# Company That Can Apply Patches



## cyclonearts (Jul 8, 2007)

Hey guys,
I've been checking out this section and doing google searches coming across alot of sites that do embroidery or do patches, but what I'm looking for is a company that applies patches you already have onto blanks you supply them with. Pretty much all I need is someone to sew a buncha patches onto a buncha blank pieces of apparel.
Any suggestions would be greatly appreciated.
Thanks!


----------



## splathead (Dec 4, 2005)

The first stop should be your dry cleaners that has a sewing repair station. 

If that doesn't work, I have been successful placing "sewing needed" notices on the bulletin boards at sewing stores. These retired old ladies (and men i should add, believe it or not) jump at the chance of getting paid for something they love doing anyway.


----------



## SublimatorToo (Jan 15, 2009)

I get my embroidery contractor to do it for me.

When we make sublimated crests, our guy attaches them.

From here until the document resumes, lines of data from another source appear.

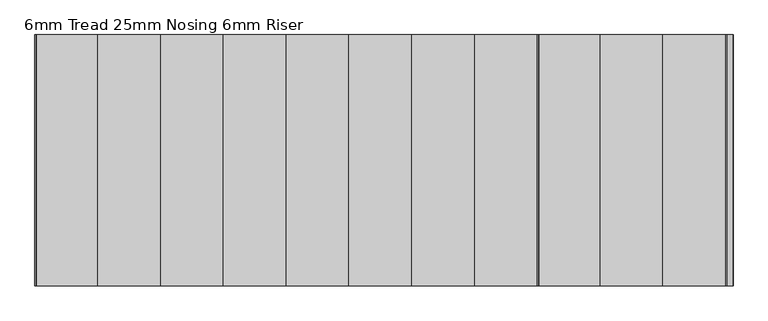
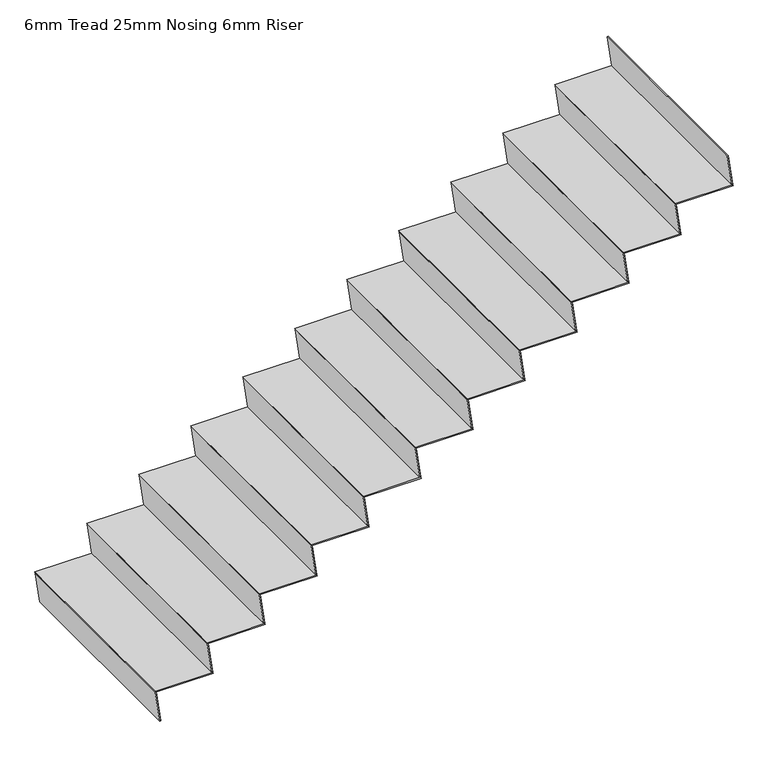
"""IFC4 building model written with IfcOpenShell, lengths in millimetres: stair flight geometry, 6mm Tread 25mm Nosing 6mm Riser."""

from ifc_helpers import new_model, si_unit, origin, place, context, project, spatial, faceted_brep, source, transform, mapped, element, save


def stair_flight_6mm_tread_25mm_nosing_6mm_riser_da47396f(model_context):
    return source(origin(), model_context, "Body", "Brep", [
        faceted_brep([(-16043.9400908, 12030.4345331, 10117.6470588), (-16043.0900908, 12030.4345331, 10111.6470588), (-16043.0900908, 13130.4345331, 10111.6470588), (-16043.9400908, 13130.4345331, 10117.6470588), (-16350.0, 13130.4345331, 10117.6470588), (-16350.0, 12030.4345331, 10117.6470588), (-16349.15, 12030.4345331, 10111.6470588), (-16349.15, 13130.4345331, 10111.6470588)], [[[0, 1, 2, 3]], [[3, 4, 5, 0]], [[2, 1, 6, 7]], [[4, 3, 2, 7]], [[0, 5, 6, 1]], [[5, 4, 7, 6]]]),
        faceted_brep([(-16349.15, 12030.4345331, 10111.6470588), (-16325.0, 12030.4345331, 9941.1764706), (-16318.9400908, 12030.4345331, 9941.1764706), (-16343.0900908, 12030.4345331, 10111.6470588), (-16349.15, 13130.4345331, 10111.6470588), (-16343.0900908, 13130.4345331, 10111.6470588), (-16318.9400908, 13130.4345331, 9941.1764706), (-16325.0, 13130.4345331, 9941.1764706)], [[[0, 1, 2, 3]], [[4, 5, 6, 7]], [[1, 0, 4, 7]], [[2, 1, 7, 6]], [[3, 2, 6, 5]], [[0, 3, 5, 4]]]),
        faceted_brep([(-16074.15, 12030.4345331, 10288.1176471), (-16050.0, 12030.4345331, 10117.6470588), (-16043.9400908, 12030.4345331, 10117.6470588), (-16068.0900908, 12030.4345331, 10288.1176471), (-16074.15, 13130.4345331, 10288.1176471), (-16068.0900908, 13130.4345331, 10288.1176471), (-16043.9400908, 13130.4345331, 10117.6470588), (-16050.0, 13130.4345331, 10117.6470588)], [[[0, 1, 2, 3]], [[4, 5, 6, 7]], [[1, 0, 4, 7]], [[2, 1, 7, 6]], [[3, 2, 6, 5]], [[0, 3, 5, 4]]]),
        faceted_brep([(-15768.9400908, 13130.4345331, 10294.1176471), (-16075.0, 13130.4345331, 10294.1176471), (-16075.0, 12030.4345331, 10294.1176471), (-15768.9400908, 12030.4345331, 10294.1176471), (-15768.0900908, 13130.4345331, 10288.1176471), (-15768.0900908, 12030.4345331, 10288.1176471), (-16074.15, 12030.4345331, 10288.1176471), (-16074.15, 13130.4345331, 10288.1176471)], [[[0, 1, 2, 3]], [[4, 5, 6, 7]], [[1, 0, 4, 7]], [[3, 2, 6, 5]], [[3, 5, 4, 0]], [[2, 1, 7, 6]]]),
        faceted_brep([(-15799.15, 12030.4345331, 10464.5882353), (-15775.0, 12030.4345331, 10294.1176471), (-15768.9400908, 12030.4345331, 10294.1176471), (-15793.0900908, 12030.4345331, 10464.5882353), (-15799.15, 13130.4345331, 10464.5882353), (-15793.0900908, 13130.4345331, 10464.5882353), (-15768.9400908, 13130.4345331, 10294.1176471), (-15775.0, 13130.4345331, 10294.1176471)], [[[0, 1, 2, 3]], [[4, 5, 6, 7]], [[1, 0, 4, 7]], [[2, 1, 7, 6]], [[3, 2, 6, 5]], [[0, 3, 5, 4]]]),
        faceted_brep([(-15493.9400908, 13130.4345331, 10470.5882353), (-15800.0, 13130.4345331, 10470.5882353), (-15800.0, 12030.4345331, 10470.5882353), (-15493.9400908, 12030.4345331, 10470.5882353), (-15493.0900908, 13130.4345331, 10464.5882353), (-15493.0900908, 12030.4345331, 10464.5882353), (-15799.15, 12030.4345331, 10464.5882353), (-15799.15, 13130.4345331, 10464.5882353)], [[[0, 1, 2, 3]], [[4, 5, 6, 7]], [[1, 0, 4, 7]], [[3, 2, 6, 5]], [[3, 5, 4, 0]], [[2, 1, 7, 6]]]),
        faceted_brep([(-15524.15, 12030.4345331, 10641.0588235), (-15500.0, 12030.4345331, 10470.5882353), (-15493.9400908, 12030.4345331, 10470.5882353), (-15518.0900908, 12030.4345331, 10641.0588235), (-15524.15, 13130.4345331, 10641.0588235), (-15518.0900908, 13130.4345331, 10641.0588235), (-15493.9400908, 13130.4345331, 10470.5882353), (-15500.0, 13130.4345331, 10470.5882353)], [[[0, 1, 2, 3]], [[4, 5, 6, 7]], [[1, 0, 4, 7]], [[2, 1, 7, 6]], [[3, 2, 6, 5]], [[0, 3, 5, 4]]]),
        faceted_brep([(-15218.9400908, 13130.4345331, 10647.0588235), (-15525.0, 13130.4345331, 10647.0588235), (-15525.0, 12030.4345331, 10647.0588235), (-15218.9400908, 12030.4345331, 10647.0588235), (-15218.0900908, 13130.4345331, 10641.0588235), (-15218.0900908, 12030.4345331, 10641.0588235), (-15524.15, 12030.4345331, 10641.0588235), (-15524.15, 13130.4345331, 10641.0588235)], [[[0, 1, 2, 3]], [[4, 5, 6, 7]], [[1, 0, 4, 7]], [[3, 2, 6, 5]], [[3, 5, 4, 0]], [[2, 1, 7, 6]]]),
        faceted_brep([(-15249.15, 12030.4345331, 10817.5294118), (-15225.0, 12030.4345331, 10647.0588235), (-15218.9400908, 12030.4345331, 10647.0588235), (-15243.0900908, 12030.4345331, 10817.5294118), (-15249.15, 13130.4345331, 10817.5294118), (-15243.0900908, 13130.4345331, 10817.5294118), (-15218.9400908, 13130.4345331, 10647.0588235), (-15225.0, 13130.4345331, 10647.0588235)], [[[0, 1, 2, 3]], [[4, 5, 6, 7]], [[1, 0, 4, 7]], [[2, 1, 7, 6]], [[3, 2, 6, 5]], [[0, 3, 5, 4]]]),
        faceted_brep([(-14943.9400908, 13130.4345331, 10823.5294118), (-15250.0, 13130.4345331, 10823.5294118), (-15250.0, 12030.4345331, 10823.5294118), (-14943.9400908, 12030.4345331, 10823.5294118), (-14943.0900908, 13130.4345331, 10817.5294118), (-14943.0900908, 12030.4345331, 10817.5294118), (-15249.15, 12030.4345331, 10817.5294118), (-15249.15, 13130.4345331, 10817.5294118)], [[[0, 1, 2, 3]], [[4, 5, 6, 7]], [[1, 0, 4, 7]], [[3, 2, 6, 5]], [[3, 5, 4, 0]], [[2, 1, 7, 6]]]),
        faceted_brep([(-14974.15, 12030.4345331, 10994.0), (-14950.0, 12030.4345331, 10823.5294118), (-14943.9400908, 12030.4345331, 10823.5294118), (-14968.0900908, 12030.4345331, 10994.0), (-14974.15, 13130.4345331, 10994.0), (-14968.0900908, 13130.4345331, 10994.0), (-14943.9400908, 13130.4345331, 10823.5294118), (-14950.0, 13130.4345331, 10823.5294118)], [[[0, 1, 2, 3]], [[4, 5, 6, 7]], [[1, 0, 4, 7]], [[2, 1, 7, 6]], [[3, 2, 6, 5]], [[0, 3, 5, 4]]]),
        faceted_brep([(-14668.9400908, 13130.4345331, 11000.0), (-14975.0, 13130.4345331, 11000.0), (-14975.0, 12030.4345331, 11000.0), (-14668.9400908, 12030.4345331, 11000.0), (-14668.0900908, 13130.4345331, 10994.0), (-14668.0900908, 12030.4345331, 10994.0), (-14974.15, 12030.4345331, 10994.0), (-14974.15, 13130.4345331, 10994.0)], [[[0, 1, 2, 3]], [[4, 5, 6, 7]], [[1, 0, 4, 7]], [[3, 2, 6, 5]], [[3, 5, 4, 0]], [[2, 1, 7, 6]]]),
        faceted_brep([(-14699.15, 12030.4345331, 11170.4705882), (-14675.0, 12030.4345331, 11000.0), (-14668.9400908, 12030.4345331, 11000.0), (-14693.0900908, 12030.4345331, 11170.4705882), (-14699.15, 13130.4345331, 11170.4705882), (-14693.0900908, 13130.4345331, 11170.4705882), (-14668.9400908, 13130.4345331, 11000.0), (-14675.0, 13130.4345331, 11000.0)], [[[0, 1, 2, 3]], [[4, 5, 6, 7]], [[1, 0, 4, 7]], [[2, 1, 7, 6]], [[3, 2, 6, 5]], [[0, 3, 5, 4]]]),
        faceted_brep([(-14393.9400908, 13130.4345331, 11176.4705882), (-14700.0, 13130.4345331, 11176.4705882), (-14700.0, 12030.4345331, 11176.4705882), (-14393.9400908, 12030.4345331, 11176.4705882), (-14393.0900908, 13130.4345331, 11170.4705882), (-14393.0900908, 12030.4345331, 11170.4705882), (-14699.15, 12030.4345331, 11170.4705882), (-14699.15, 13130.4345331, 11170.4705882)], [[[0, 1, 2, 3]], [[4, 5, 6, 7]], [[1, 0, 4, 7]], [[3, 2, 6, 5]], [[3, 5, 4, 0]], [[2, 1, 7, 6]]]),
        faceted_brep([(-14424.15, 12030.4345331, 11346.9411765), (-14400.0, 12030.4345331, 11176.4705882), (-14393.9400908, 12030.4345331, 11176.4705882), (-14418.0900908, 12030.4345331, 11346.9411765), (-14424.15, 13130.4345331, 11346.9411765), (-14418.0900908, 13130.4345331, 11346.9411765), (-14393.9400908, 13130.4345331, 11176.4705882), (-14400.0, 13130.4345331, 11176.4705882)], [[[0, 1, 2, 3]], [[4, 5, 6, 7]], [[1, 0, 4, 7]], [[2, 1, 7, 6]], [[3, 2, 6, 5]], [[0, 3, 5, 4]]]),
        faceted_brep([(-14118.9400908, 13130.4345331, 11352.9411765), (-14425.0, 13130.4345331, 11352.9411765), (-14425.0, 12030.4345331, 11352.9411765), (-14118.9400908, 12030.4345331, 11352.9411765), (-14118.0900908, 13130.4345331, 11346.9411765), (-14118.0900908, 12030.4345331, 11346.9411765), (-14424.15, 12030.4345331, 11346.9411765), (-14424.15, 13130.4345331, 11346.9411765)], [[[0, 1, 2, 3]], [[4, 5, 6, 7]], [[1, 0, 4, 7]], [[3, 2, 6, 5]], [[3, 5, 4, 0]], [[2, 1, 7, 6]]]),
        faceted_brep([(-14149.15, 12030.4345331, 11523.4117647), (-14125.0, 12030.4345331, 11352.9411765), (-14118.9400908, 12030.4345331, 11352.9411765), (-14143.0900908, 12030.4345331, 11523.4117647), (-14149.15, 13130.4345331, 11523.4117647), (-14143.0900908, 13130.4345331, 11523.4117647), (-14118.9400908, 13130.4345331, 11352.9411765), (-14125.0, 13130.4345331, 11352.9411765)], [[[0, 1, 2, 3]], [[4, 5, 6, 7]], [[1, 0, 4, 7]], [[2, 1, 7, 6]], [[3, 2, 6, 5]], [[0, 3, 5, 4]]]),
        faceted_brep([(-13843.9400908, 13130.4345331, 11529.4117647), (-14150.0, 13130.4345331, 11529.4117647), (-14150.0, 12030.4345331, 11529.4117647), (-13843.9400908, 12030.4345331, 11529.4117647), (-13843.0900908, 13130.4345331, 11523.4117647), (-13843.0900908, 12030.4345331, 11523.4117647), (-14149.15, 12030.4345331, 11523.4117647), (-14149.15, 13130.4345331, 11523.4117647)], [[[0, 1, 2, 3]], [[4, 5, 6, 7]], [[1, 0, 4, 7]], [[3, 2, 6, 5]], [[3, 5, 4, 0]], [[2, 1, 7, 6]]]),
        faceted_brep([(-13874.15, 12030.4345331, 11699.8823529), (-13850.0, 12030.4345331, 11529.4117647), (-13843.9400908, 12030.4345331, 11529.4117647), (-13868.0900908, 12030.4345331, 11699.8823529), (-13874.15, 13130.4345331, 11699.8823529), (-13868.0900908, 13130.4345331, 11699.8823529), (-13843.9400908, 13130.4345331, 11529.4117647), (-13850.0, 13130.4345331, 11529.4117647)], [[[0, 1, 2, 3]], [[4, 5, 6, 7]], [[1, 0, 4, 7]], [[2, 1, 7, 6]], [[3, 2, 6, 5]], [[0, 3, 5, 4]]]),
        faceted_brep([(-13568.9400908, 13130.4345331, 11705.8823529), (-13875.0, 13130.4345331, 11705.8823529), (-13875.0, 12030.4345331, 11705.8823529), (-13568.9400908, 12030.4345331, 11705.8823529), (-13568.0900908, 13130.4345331, 11699.8823529), (-13568.0900908, 12030.4345331, 11699.8823529), (-13874.15, 12030.4345331, 11699.8823529), (-13874.15, 13130.4345331, 11699.8823529)], [[[0, 1, 2, 3]], [[4, 5, 6, 7]], [[1, 0, 4, 7]], [[3, 2, 6, 5]], [[3, 5, 4, 0]], [[2, 1, 7, 6]]]),
        faceted_brep([(-13324.15, 12030.4345331, 12052.8235294), (-13300.0, 12030.4345331, 11882.3529412), (-13293.9400908, 12030.4345331, 11882.3529412), (-13318.0900908, 12030.4345331, 12052.8235294), (-13324.15, 13130.4345331, 12052.8235294), (-13318.0900908, 13130.4345331, 12052.8235294), (-13293.9400908, 13130.4345331, 11882.3529412), (-13300.0, 13130.4345331, 11882.3529412)], [[[0, 1, 2, 3]], [[4, 5, 6, 7]], [[1, 0, 4, 7]], [[2, 1, 7, 6]], [[3, 2, 6, 5]], [[0, 3, 5, 4]]]),
        faceted_brep([(-13599.15, 12030.4345331, 11876.3529412), (-13575.0, 12030.4345331, 11705.8823529), (-13568.9400908, 12030.4345331, 11705.8823529), (-13593.0900908, 12030.4345331, 11876.3529412), (-13599.15, 13130.4345331, 11876.3529412), (-13593.0900908, 13130.4345331, 11876.3529412), (-13568.9400908, 13130.4345331, 11705.8823529), (-13575.0, 13130.4345331, 11705.8823529)], [[[0, 1, 2, 3]], [[4, 5, 6, 7]], [[1, 0, 4, 7]], [[2, 1, 7, 6]], [[3, 2, 6, 5]], [[0, 3, 5, 4]]]),
        faceted_brep([(-13293.9400908, 13130.4345331, 11882.3529412), (-13325.0, 13130.4345331, 11882.3529412), (-13600.0, 13130.4345331, 11882.3529412), (-13600.0, 12030.4345331, 11882.3529412), (-13293.9400908, 12030.4345331, 11882.3529412), (-13293.0900908, 13130.4345331, 11876.3529412), (-13293.0900908, 12030.4345331, 11876.3529412), (-13599.15, 12030.4345331, 11876.3529412), (-13599.15, 13130.4345331, 11876.3529412), (-13325.0, 13130.4345331, 11876.3529412)], [[[0, 1, 2, 3, 4]], [[5, 6, 7, 8, 9]], [[1, 0, 5, 9]], [[2, 1, 9, 8]], [[4, 3, 7, 6]], [[4, 6, 5, 0]], [[3, 2, 8, 7]]]),
    ])


if __name__ == "__main__":
    model = new_model("IFC4")
    model_context = context("Model", 3, world=origin())
    ifc_project = project(units=[si_unit("LENGTHUNIT", "METRE", prefix="MILLI")], contexts=[model_context])
    site = spatial("IfcSite", under=ifc_project)
    building = spatial("IfcBuilding", under=site)
    placement = place(None, origin())
    stair_flight_6mm_tread_25mm_nosing_6mm_riser_shape = stair_flight_6mm_tread_25mm_nosing_6mm_riser_da47396f(model_context)
    element("IfcStairFlight", 1, ObjectType="6mm Tread 25mm Nosing 6mm Riser", at=placement, inside=building, context=model_context, shape_type="MappedRepresentation", body=[
        mapped(stair_flight_6mm_tread_25mm_nosing_6mm_riser_shape, transform((0.0, 0.0, 0.0), x_axis=(1.0, 0.0, 0.0), y_axis=(0.0, 1.0, 0.0), z_axis=(0.0, 0.0, 1.0))),
    ])
    save(model, "model.ifc")

# Revit data of these elements
# Element 1 (IfcStairFlight, "6mm Tread 25mm Nosing 6mm Riser")
#   Materials on its faces: "Steel, Paint Finish, Dark Gray"
# Materials
#   "Steel, Paint Finish, Dark Gray": class "Metal", colour RGB 89 89 89, transparency 0, Description = "Steel, paint finish, dark gray, glossy", Cost = 0

When we need an embroidered crest, our guy sews them on too.

I believe our current rate is about $1.00 per crest to sew it on. The "little old ladies" and "little old men" might do it for less. I use our embroidery guy for convenience since we usually need to attach at the same time the crests are produced so there's less running around.


----------



## Air Art Girl (Mar 29, 2007)

I use heat applied patches and just apply them with my heat press. Did an entire Little League last year and everyone says they have not come off.


----------



## Big Al (Feb 3, 2008)

Buy some heat applying material from your embroidery supplier and fuse it to the back of the patches then apply by heat press, piece of cake!


----------



## SunEmbroidery (Oct 18, 2007)

A seamstress should do that type of work.


----------